Completing the band's rhythm section, drummer Carey uses polyrhythms, tabla-style techniques, and the incorporation of custom electronic drum pads to trigger samples, such as prerecorded tabla and octoban sounds.
Keenan's ability as a vocalist has been characterized more subjectively by the Seattle Post-Intelligencer: After his performance during an Alice in Chains reunion concert in 2005, freelancer Travis Hay saw him as "a natural fit at replacing Layne Staley". Regarding his role in A Perfect Circle and Tool, The New York Times wrote that "both groups rely on Mr. Keenan's ability to dignify emotions like lust, anger and disgust, the honey in his voice adding a touch of profundity".
According to Guitar Player magazine, Jones does not rely on any one particular guitar-playing technique but rather combines many techniques. For example, Allmusic wrote that he "alternately utiliz[es] power chords, scratchy noise, chiming arpeggios, and a quiet minimalism" in "Sober". Additionally, the band uses forms of instrumental experimentation, like the use of a "pipe bomb microphone" (a guitar pickup mounted inside a brass cylinder) and a talk box guitar solo on "Jambi".

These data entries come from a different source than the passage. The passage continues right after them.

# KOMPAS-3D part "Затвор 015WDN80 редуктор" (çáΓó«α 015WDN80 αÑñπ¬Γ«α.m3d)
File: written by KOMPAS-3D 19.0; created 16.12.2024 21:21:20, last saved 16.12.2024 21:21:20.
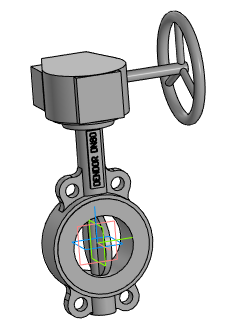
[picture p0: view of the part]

Document properties: Автор: Евгений; Полное имя файла: ..\Затвор 015WDN80 редуктор.a3d

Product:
- Part/product: Затвор 015WDN80 редуктор
    Масса: 11.3292

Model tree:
1. Операция без истории:1
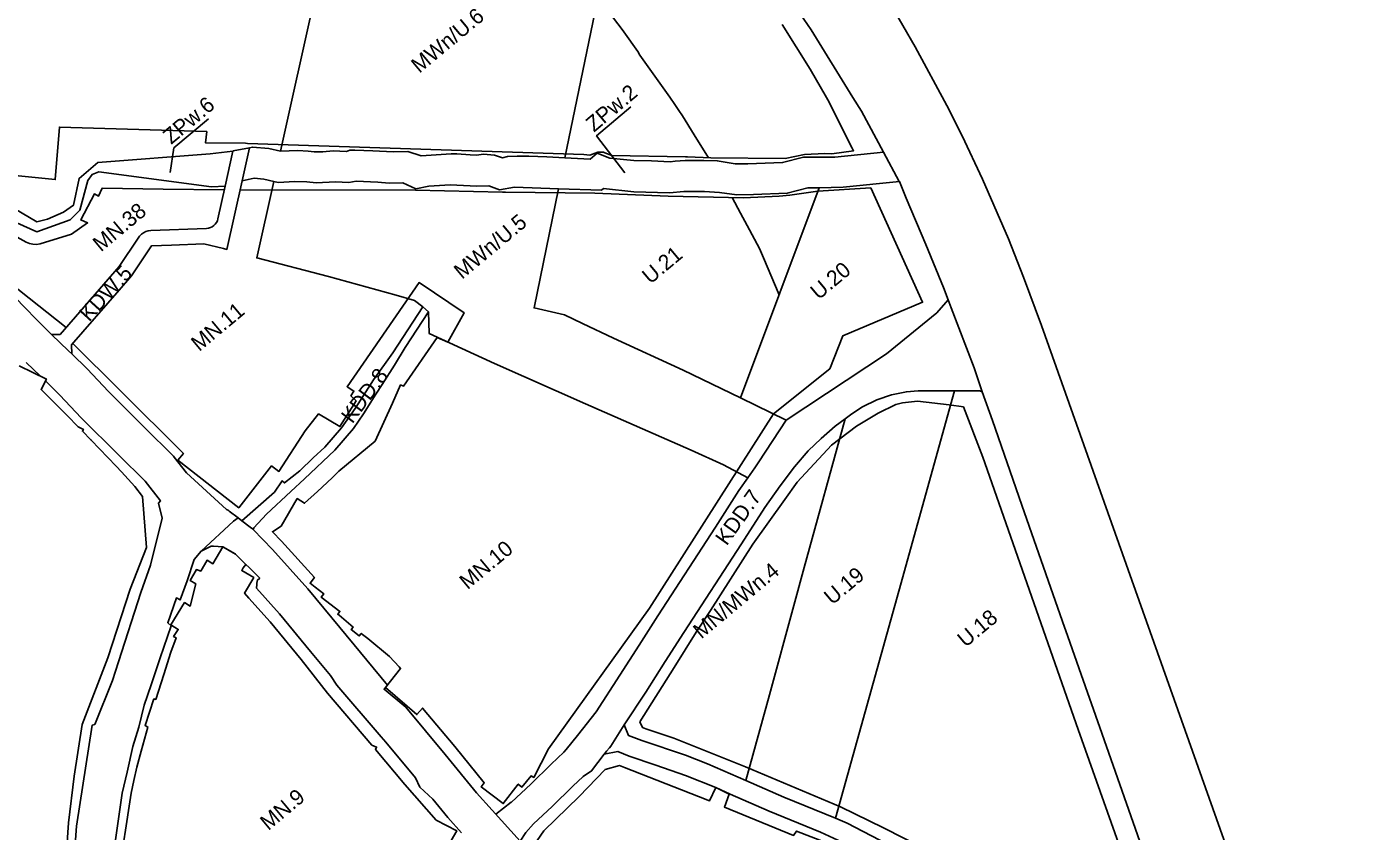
# Model space of a CAD drawing. Extents: x 7418616 to 7420822, y 5550745 to 5553106.
# Drawn here: x 7420139.9 to 7420570.2, y 5552194.8 to 5552455 of the extents above; entities that cross this region are included whole.
import ezdxf

# ---------------------------------------------------------------- set-up
doc = ezdxf.new("R2010")
doc.units = 0
for name, color, linetype in [('granica obszaru objętego planem', 7, 'Continuous'), ('granica strefy zwiększonej wysokości zabudowy', 7, 'Continuous'), ('linie rozgraniczające', 7, 'Continuous'), ('nieprzekraczalne linie zabudowy', 7, 'Continuous'), ('przeznaczenia terenów', 7, 'Continuous')]:
    doc.layers.add(name, color=color, linetype=linetype)

msp = doc.modelspace()

# ---------------------------------------------------------------- linework, layer by layer
at = {"layer": 'granica obszaru objętego planem'}
msp.add_lwpolyline([(7420419.04, 5552462.29), (7420427.01, 5552448.46), (7420437.26, 5552429.47), (7420442.19, 5552419.71), (7420448.72, 5552405.7), (7420457.17, 5552386.45), (7420461.96, 5552374), (7420467.81, 5552358.36), (7420579.74, 5552042.73), (7420611.64, 5551954.27), (7420788.95, 5551466.82)], dxfattribs=at)
at = {"layer": 'granica strefy zwiększonej wysokości zabudowy'}
for points in [[(7420360.16, 5552412.61), (7420360.16, 5552412.61), (7420355.62, 5552420.03), (7420351.85, 5552426.17), (7420350.65, 5552427.9), (7420349.31, 5552429.84), (7420347.68, 5552432.18), (7420338.03, 5552445.82), (7420337.35, 5552446.91), (7420332.86, 5552453.3), (7420332.61, 5552453.66), (7420324.64, 5552464.17), (7420324.44, 5552464.43)], [(7420383.03, 5552368.29), (7420378.02, 5552380.21), (7420376.71, 5552383.32), (7420372.74, 5552390.7), (7420372.71, 5552390.74), (7420370.6, 5552394.66), (7420367.83, 5552399.75), (7420367.83, 5552399.76)]]:
    msp.add_lwpolyline(points, dxfattribs=at)
at = {"layer": 'linie rozgraniczające'}
for p, q in [((7420221.91, 5552414.74), (7420233.88, 5552468.44)), ((7420206.48, 5552414.76), (7420203.99, 5552403.43)), ((7420209.49, 5552405.19), (7420211.84, 5552415.86)), ((7420395.96, 5552402.87), (7420370.6, 5552335.03)), ((7420269.75, 5552362.75), (7420267.89, 5552364.41)), ((7420370.6, 5552335.03), (7420385.33, 5552327.78)), ((7420205.34, 5552298.37), (7420208.25, 5552296.16)), ((7420208.25, 5552296.16), (7420209.42, 5552295.27)), ((7420290.31, 5552201.68), (7420299.38, 5552191.7))]:
    msp.add_line(p, q, dxfattribs=at)
for points in [[(7420416.74, 5552414.43), (7420409.61, 5552427.64), (7420406.88, 5552432.07), (7420393.44, 5552454), (7420388.62, 5552460.88), (7420382.31, 5552461.66), (7420377.62, 5552462.24), (7420379.66, 5552473.65), (7420372.66, 5552483.63), (7420365.27, 5552493.34), (7420352.62, 5552509.96), (7420344.77, 5552517.74), (7420339.58, 5552522.86), (7420328.42, 5552533.88), (7420326.21, 5552536.05), (7420315.68, 5552545.3)], [(7420300.78, 5552467.8), (7420301.43, 5552467.7), (7420314.7, 5552466.83), (7420324.73, 5552465.85), (7420313.8, 5552412.59)], [(7420419.04, 5552462.29), (7420427.01, 5552448.46), (7420437.26, 5552429.47), (7420442.19, 5552419.71), (7420448.72, 5552405.7), (7420457.17, 5552386.45), (7420461.96, 5552374), (7420467.81, 5552358.36), (7420579.74, 5552042.73), (7420611.64, 5551954.27), (7420788.95, 5551466.82)], [(7420206.48, 5552414.76), (7420199.14, 5552413.85), (7420162.83, 5552411.03), (7420156.8, 5552405.92), (7420155, 5552397.26), (7420151.77, 5552395.04), (7420146.63, 5552392.74), (7420143.18, 5552391.94), (7420128.29, 5552400.63), (7420118.98, 5552404.25)], [(7420211.84, 5552415.86), (7420206.57, 5552414.8), (7420206.48, 5552414.76)], [(7420211.84, 5552415.86), (7420212.84, 5552416.06), (7420218.11, 5552415.58), (7420221.91, 5552414.74)], [(7420313.8, 5552412.59), (7420307.99, 5552412.91), (7420302.15, 5552413.07), (7420298.39, 5552413.08), (7420295.24, 5552413.01), (7420293.61, 5552412.62), (7420291.01, 5552413.48), (7420287.49, 5552413.76), (7420285.23, 5552413.46), (7420283.21, 5552413.55), (7420278.92, 5552413.83), (7420277.08, 5552413.91), (7420267.35, 5552413.26), (7420263.03, 5552414.59), (7420258.29, 5552414.48), (7420251.75, 5552414.81), (7420245.88, 5552415.07), (7420244.35, 5552415.05), (7420243.21, 5552414.62), (7420238.9, 5552414.86), (7420235.56, 5552414.52), (7420232.73, 5552414.56), (7420230.87, 5552414.79), (7420227.49, 5552414.94), (7420221.95, 5552414.73), (7420221.91, 5552414.74)], [(7420313.8, 5552412.59), (7420321.93, 5552412.13), (7420324.19, 5552414.08), (7420328.31, 5552412.5), (7420336.09, 5552411.69), (7420341.8, 5552411.57), (7420347.86, 5552411.29), (7420349.42, 5552411.49), (7420352.67, 5552411.71), (7420355.62, 5552411.77), (7420358.7, 5552411.67), (7420363.06, 5552411.64), (7420368.85, 5552410.66), (7420372.92, 5552410.68), (7420384.17, 5552411.04), (7420390.93, 5552412.84), (7420401, 5552412.85), (7420416.74, 5552414.43)], [(7420416.74, 5552414.43), (7420421.86, 5552404.96), (7420421.89, 5552404.89)], [(7420203.99, 5552403.43), (7420199.57, 5552403.26), (7420163.24, 5552408.03), (7420161, 5552407.23), (7420159.6, 5552405.3), (7420157.09, 5552395.64), (7420153.95, 5552392.56), (7420143.19, 5552388.69), (7420136.72, 5552391.55), (7420128.56, 5552397.25), (7420121.84, 5552401.24), (7420119.69, 5552400.93)], [(7420154.46, 5552349.18), (7420154.34, 5552352.08), (7420169.78, 5552369.85), (7420173.79, 5552374.45), (7420180.2, 5552384.12), (7420186.69, 5552384.36), (7420197.12, 5552384.74), (7420203.46, 5552383.26), (7420204.61, 5552383), (7420209.49, 5552405.19)], [(7420219.73, 5552404.97), (7420216.56, 5552405.68), (7420213.37, 5552405.97), (7420209.49, 5552405.19)], [(7420267.89, 5552364.41), (7420265.18, 5552366.46), (7420259.31, 5552368.15), (7420237.44, 5552374.2), (7420214.21, 5552380.21), (7420219.73, 5552404.97)], [(7420219.73, 5552404.97), (7420221.13, 5552404.66), (7420226.55, 5552404.97), (7420230.39, 5552404.81), (7420233.4, 5552404.49), (7420239.71, 5552404.8), (7420243.98, 5552404.56), (7420246.37, 5552405.08), (7420253.33, 5552404.68), (7420257.01, 5552404.44), (7420261.39, 5552404.55), (7420265.62, 5552402.6), (7420269.89, 5552403.4), (7420276.71, 5552403.89), (7420285.33, 5552403.39), (7420289.22, 5552403.58), (7420292.72, 5552402.29), (7420297.55, 5552403.11), (7420311.75, 5552402.61)], [(7420421.89, 5552404.89), (7420403.78, 5552403.09), (7420395.96, 5552402.87)], [(7420437.65, 5552366.72), (7420436.16, 5552370.61), (7420430.42, 5552384.54), (7420424.12, 5552399.56), (7420421.89, 5552404.89)], [(7420147.87, 5552355.44), (7420143.56, 5552359.75), (7420138.73, 5552364.79), (7420134.72, 5552368.9), (7420132.01, 5552371.82), (7420129.55, 5552375.01), (7420127.33, 5552377.61), (7420125.99, 5552380.21), (7420124.9, 5552382.74), (7420123.7, 5552386.34), (7420122.54, 5552389.63), (7420121.39, 5552393.15), (7420119.69, 5552400.93)], [(7420203.99, 5552403.43), (7420201.67, 5552392.89), (7420201.49, 5552392.26), (7420201.21, 5552391.68), (7420200.84, 5552391.15), (7420200.38, 5552390.69), (7420199.85, 5552390.31), (7420199.27, 5552390.03), (7420198.65, 5552389.85), (7420198, 5552389.78), (7420180.02, 5552389.12), (7420179.19, 5552389), (7420178.39, 5552388.75), (7420177.64, 5552388.37), (7420176.95, 5552387.88), (7420176.35, 5552387.29), (7420175.86, 5552386.61), (7420169.81, 5552377.49), (7420164.84, 5552371.79), (7420150.7, 5552355.51), (7420147.87, 5552355.44)], [(7420311.75, 5552402.61), (7420303.83, 5552364.04), (7420313.66, 5552361.8), (7420319.49, 5552359.06), (7420329.51, 5552354.31), (7420352.03, 5552343.91), (7420370.6, 5552335.03)], [(7420395.96, 5552402.87), (7420392.35, 5552402.83), (7420385.64, 5552401.14), (7420374.75, 5552400.74), (7420369.38, 5552400.58), (7420363.8, 5552401.39), (7420358.91, 5552401.66), (7420352.21, 5552401.68), (7420347.57, 5552401.29), (7420336.05, 5552401.64), (7420326.24, 5552402.66), (7420325.63, 5552402.13), (7420311.75, 5552402.61)], [(7420437.65, 5552366.72), (7420434.02, 5552362.51), (7420417.74, 5552349.24), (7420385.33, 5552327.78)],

The band puts an emphasis on the sound of their songs and attempts to reduce the effect lyrics can have on the perception of songs by not releasing song lyrics with their albums, although they eventually released the lyrics for Fear Inoculum for that album's CD. Lyrical arrangements are often given special attention, such as in "Lateralus". The number of syllables per line in the lyrics to "Lateralus" correspond to an arrangement of the Fibonacci numbers and the song "Jambi" uses and makes a reference to the common metrical foot iamb. The lyrics on Ænima and Lateralus focus on philosophy and spirituality—specific subjects range from organized religion in "Opiate", to evolution and Jungian psychology in "Forty-Six & 2" and transcendence in "Lateralus". On 10,000 Days, Keenan wanted to explore issues more personal to him: the album name and title track refer to the twenty-seven years during which his mother suffered from complications of a stroke until her death in 2003. Read more on Last.fm. User-contributed text is available under the Creative Commons By-SA License; additional terms may apply.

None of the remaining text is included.